J'écume également le refurb et les sites d'occasion depuis quelques jours, ne sachant pas si je vais me tourner vers la version 2 ou la 3.

A ce prix, 389EUR, c'est forcément intéressant et il y a fort à parier que les stocks vont vite être écoulés.

Concernant le refurb, j'ai consulté les avis, les acheteurs sont à 99,9999% satisfaits, les produits sont semble-t'il testés par Apple, il se peut juste que ton iPad ait une ou deux micro-rayures sur le dos, mais rien de bien grave.

Deux choses à savoir : 

Tu as 7 jours pour le retourner chez Apple sans en préciser la raison si tu n'es pas satisfait.

La garantie est d'un an, comme pour le neuf, à laquelle tu peux ajouter un Apple Care si tu le souhaite.

Fais-toi plaisir !


----------



## Deleted member 284611 (15 Mai 2012)

ptibat a dit:


> Concernant le refurb, j'ai consulté les avis, les acheteurs sont à 99,9999% satisfaits, les produits sont semble-t'il testés par Apple, il se peut juste que ton iPad ait une ou deux micro-rayures sur le dos, mais rien de bien grave.

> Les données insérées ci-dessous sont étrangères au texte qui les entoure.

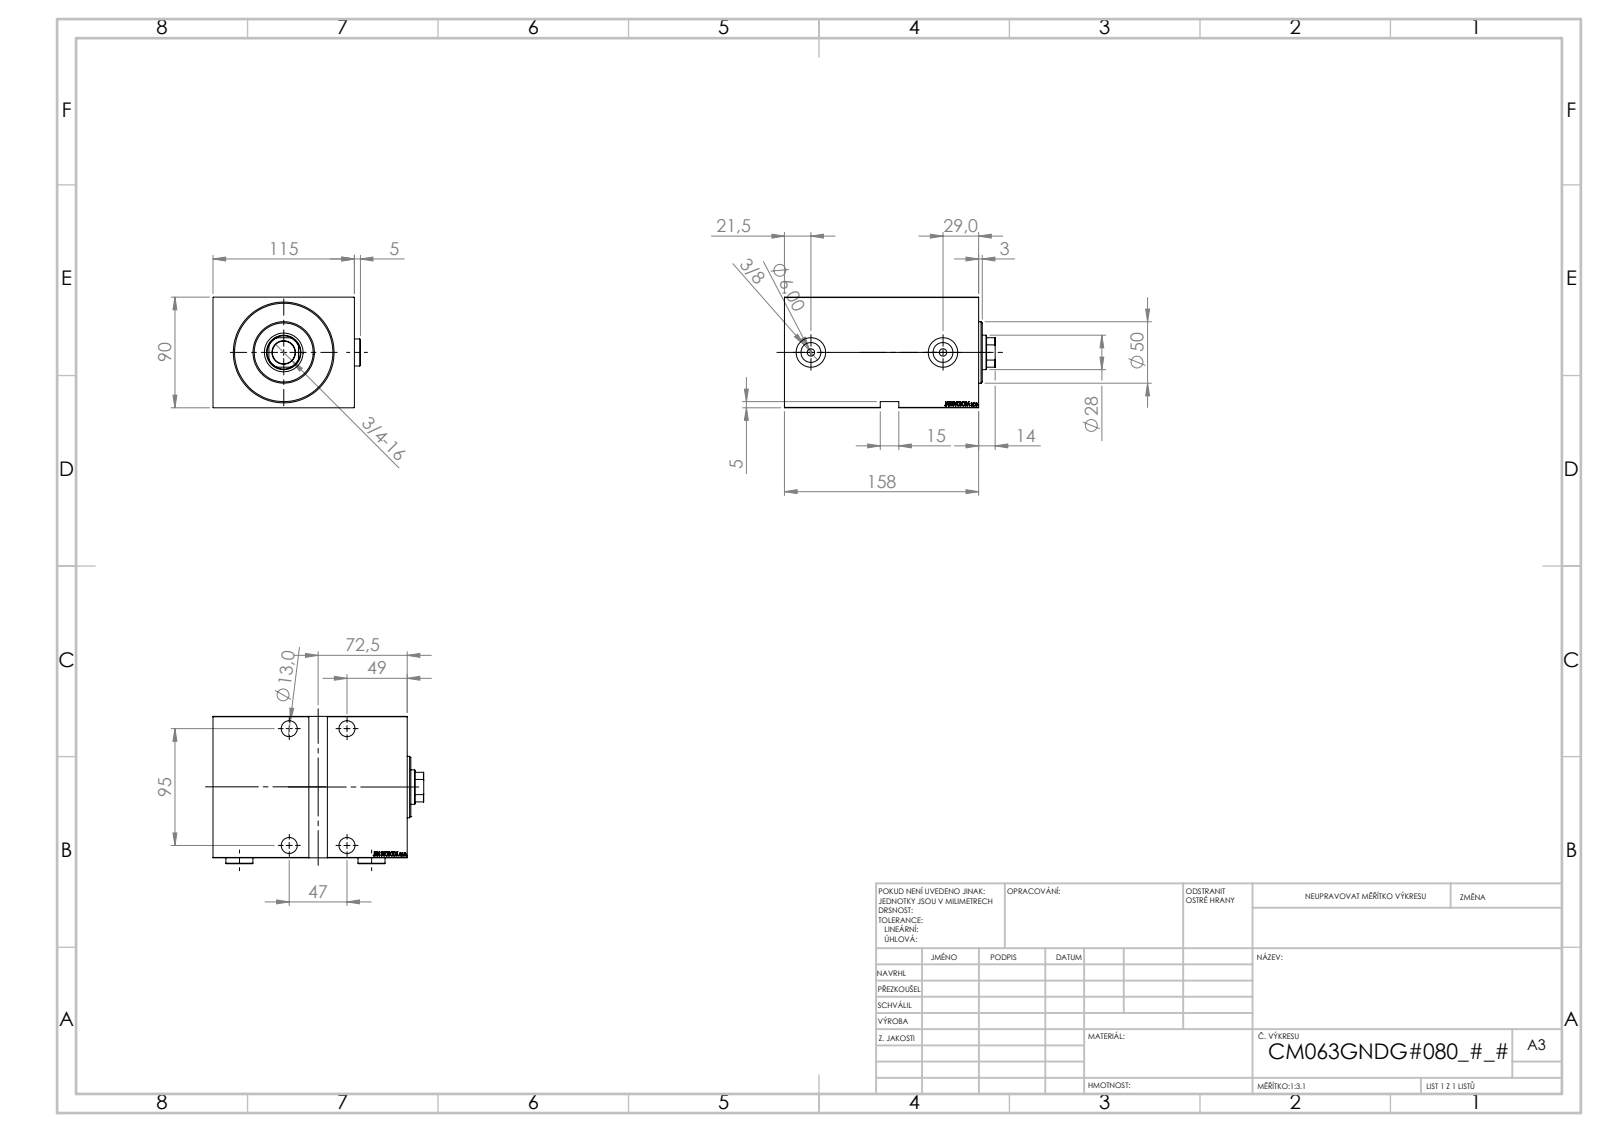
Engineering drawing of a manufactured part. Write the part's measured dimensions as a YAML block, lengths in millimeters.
part_name: "V450CM_VC_G; V450CM_G_Body; V450CM_G_VCP; Zatka_OIL_PORT"
step_written_by: "SolidWorks 2019 (CONFIG_CONTROL_DESIGN)"
units: millimeters
bodies: {solids: 5, faces: 912, planar: 446, cylindrical: 68, other: 398}
overall_size: [171.5, 119.9, 90]
volume: 1337000
surface_area: 173139
round_holes:
  - {diameter: 13, count: 4}
  - {diameter: 19, count: 4}
  - {diameter: 6, count: 2}
  - {diameter: 16.17, count: 2}
  - {diameter: 24, count: 2}
  - {diameter: 18.5, count: 1}
  - {diameter: 28, count: 1}
  - {diameter: 31.5, count: 1}
  - {diameter: 63, count: 1}
  - {diameter: 65, count: 1}
  - {diameter: 80, count: 1}
round_bosses_or_shafts:
  - {diameter: 22, count: 2}
  - {diameter: 50, count: 1}
partial_cylinders:
  - {radius: 13.5, count: 1}
face_to_face_distances: [90, 115, 5, 158, 17.5, 140.5, 153, 135.5, 93.5, 64.5]
hole_center_spacings: [47, 95, 105.99, 107.5]

relis les règle du refurb: je ne sais pas si c'est pareil pour les ipad, mais pour les macs apple change les coques extérieur pour obtenir un aspect neuf... donc les microrayures...


----------



## ptibat (15 Mai 2012)

Erreur de ma part, j'ai d'abord consulté les avis d'acheteurs du refurb, la plupart faisait mention d'objets d'abord reconditionnés par la vérification de l'électronique, j'ai compris que les coques n'étaient changées que lorsqu'elles présentaient de grosses marques. J'aurais du lire les CGV d'Apple !

En poussant la réfléxion, 7 jours pour le retourner, j'imagine bien qu'Apple roi du design ne jouerait pas à vendre un produit dans ces conditions au risque d'avoir un taux de retour proche de 99,99999% !

Au temps pour moi ! :rose:


----------